Average PSSM-sequence alignment length for PSSMs from seed alignments by VAST, ClustalW, Blast, and ClustalW-pairwise, for ranges of seed-alignment diversity

	0–10	10–20	20–30	30–40	40–50	50–70	70–100
Vast	105	84	90	97	133	152	107
Clustal	122	89	92	102	133	152	106
Blast	78	67	76	84	125	144	105
Pair-clustal	124	88	91	102	132	150	106

Seed-alignment diversity is expressed as the average percentage of identical residues among all pairwise comparisons of sequences in the seed alignment, calculated via the VAST alignment of each with the sequence of the test-set domain.
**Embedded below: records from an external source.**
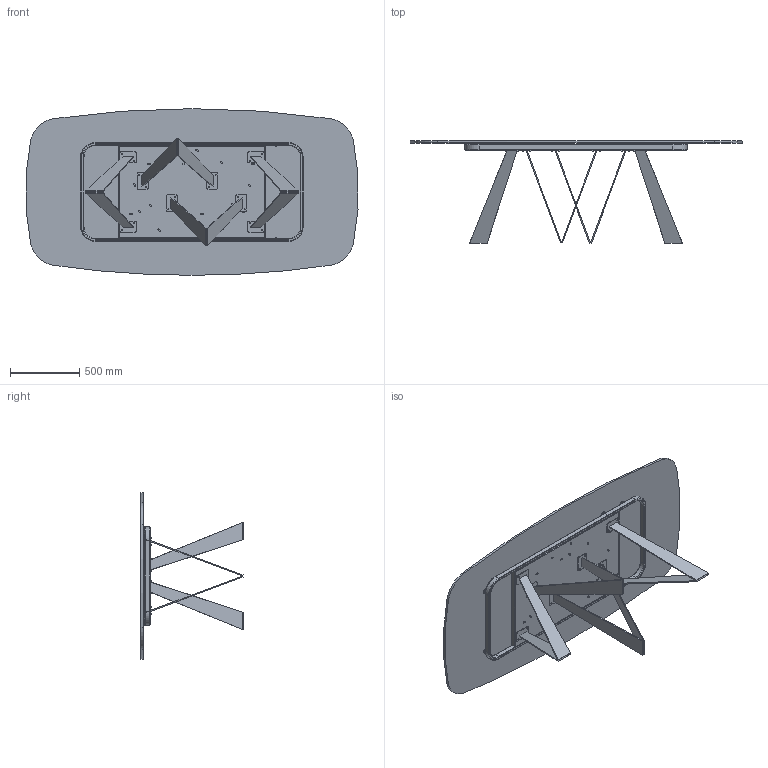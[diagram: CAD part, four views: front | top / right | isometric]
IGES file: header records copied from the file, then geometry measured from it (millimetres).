
Start section: SolidWorks IGES file using analytic representation for surfaces
Global section: file name: Y:\eforma\TECNICO\SOLIDWORKS\E-FORMA\1-TAVOLI\NOA TAVOLO\02 parts\NO43G_Noa_240x120x75h_Glass Shaped.IGS; native system: SolidWorks 2022; preprocessor: SolidWorks 2022; author: eforma.tech; date: 240807.161623; units: millimetre
Bounding box: 2391.62 x 734.8 x 1200 mm (x, y, z)
Volume: 48980749.7 mm3; surface area: 9448754.1 mm2
Topology: 70 solids, 70 shells, 1477 faces, 3375 edges, 2022 vertices
Faces by surface type: revolution 893, plane 584
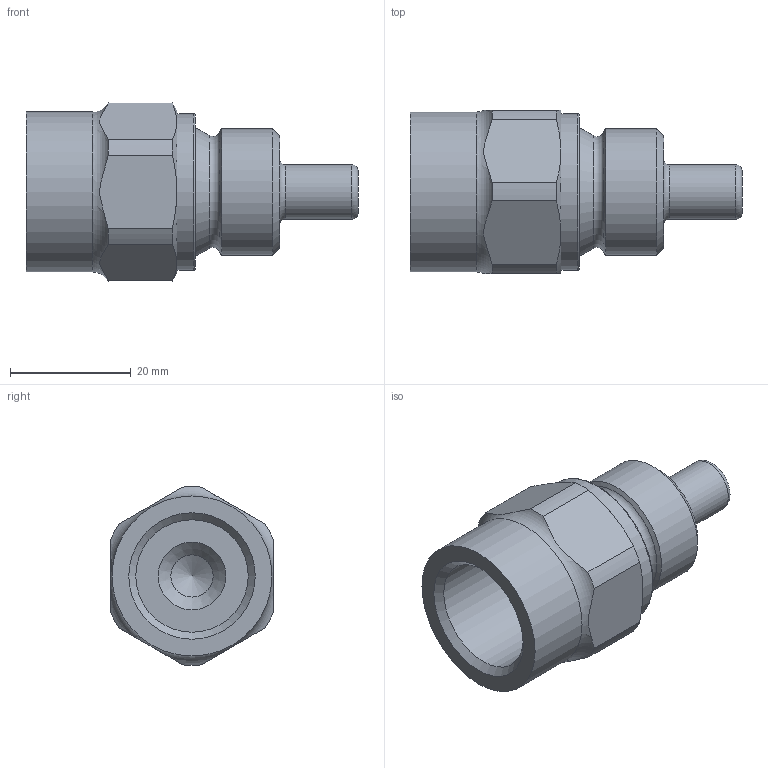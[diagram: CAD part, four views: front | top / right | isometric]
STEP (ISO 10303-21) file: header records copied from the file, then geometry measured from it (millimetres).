
FILE_DESCRIPTION( ( 'STEP AP203' ), ' ' );
FILE_NAME( 'p:/temp/worker_173/4124_4340/app_50_02016062311542105053248192d056f_000000_00_00_000000/format_1/E37600.stp', '2016-06-23T09:54:21', ( '' ), ( '' ), ' ', 'PARTsolutions', ' ' );
FILE_SCHEMA( ( 'CONFIG_CONTROL_DESIGN' ) );
Length unit declared in the file: millimetre
Products named in the file (1): _E37600
Bounding box: 55 x 27 x 29.59 mm (x, y, z)
Volume: 15147.6 mm3; surface area: 6596.4 mm2
Topology: 1 solids, 1 shells, 41 faces, 89 edges, 54 vertices
Faces by surface type: cone 12, plane 12, cylinder 12, torus 5
Full cylindrical faces by diameter (mm): 7 x1, 9 x1, 18.631 x1, 20.955 x1, 26 x1, 26.5 x1
Entity records: 1204 total; most frequent: CARTESIAN_POINT 353, DIRECTION 174, ORIENTED_EDGE 138, AXIS2_PLACEMENT_3D 81, EDGE_CURVE 69, EDGE_LOOP 62, FACE_OUTER_BOUND 52, VERTEX_POINT 52
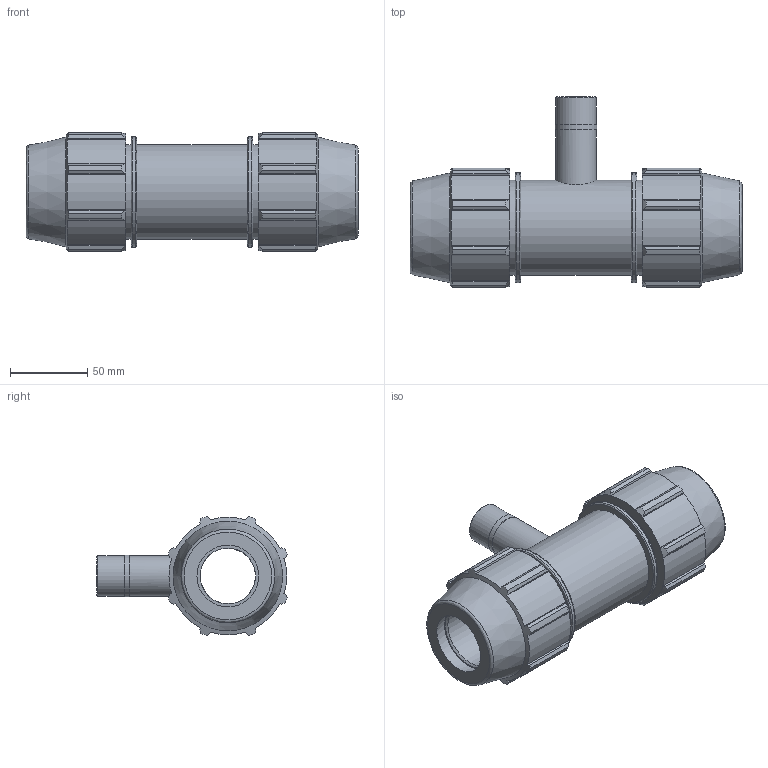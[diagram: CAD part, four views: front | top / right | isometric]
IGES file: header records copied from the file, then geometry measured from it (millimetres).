
Global section: file name: 078100040007_188100040007_0781060400070A.ipt; native system: Autodesk Inventor 2015; preprocessor: unknown; author: Кирилл,,11,0; organization: 20170224.180708; date: 20170606.172408; units: millimetre
Bounding box: 215 x 123.58 x 77.16 mm (x, y, z)
Volume: 547994.5 mm3; surface area: 95455.5 mm2
Topology: 1 solids, 1 shells, 154 faces, 433 edges, 293 vertices
Faces by surface type: plane 79, cylinder 40, cone 21, revolution 14
Full cylindrical faces by diameter (mm): 26.441 x2, 26.97 x1, 61.5 x3, 71.34 x2

In previous analyses of sequence alignment accuracy, Thompson et al. (1999) and Sauder et al. (2000) noted that in comparisons where there are many insertions and deletions, global alignment algorithms may be forced to align segments of nonhomologous residues that do not share structural similarity. Here, we find that PSSM-sequence alignment accuracy, for PSSMs from seed alignments involving such low-similarity sequences, is lower for PSSMs from seeds based on global sequence alignment (ClustalW or ClustalW-pariwse) compared to PSSMs from seed alignments based on local sequence alignment (BLAST). Although Thompson et al. and Sauder et al. used different test sets, these observations seem consistent, and suggest that the PSSM-sequence alignments we evaluate reproduce the accuracy of the underlying seed alignments. The improved alignment accuracy we find for PSSMs from seeds based on structure–structure alignment (VAST) similarly suggests that PSSM-sequence alignments can also reproduce the accuracy of structure-based seed alignments.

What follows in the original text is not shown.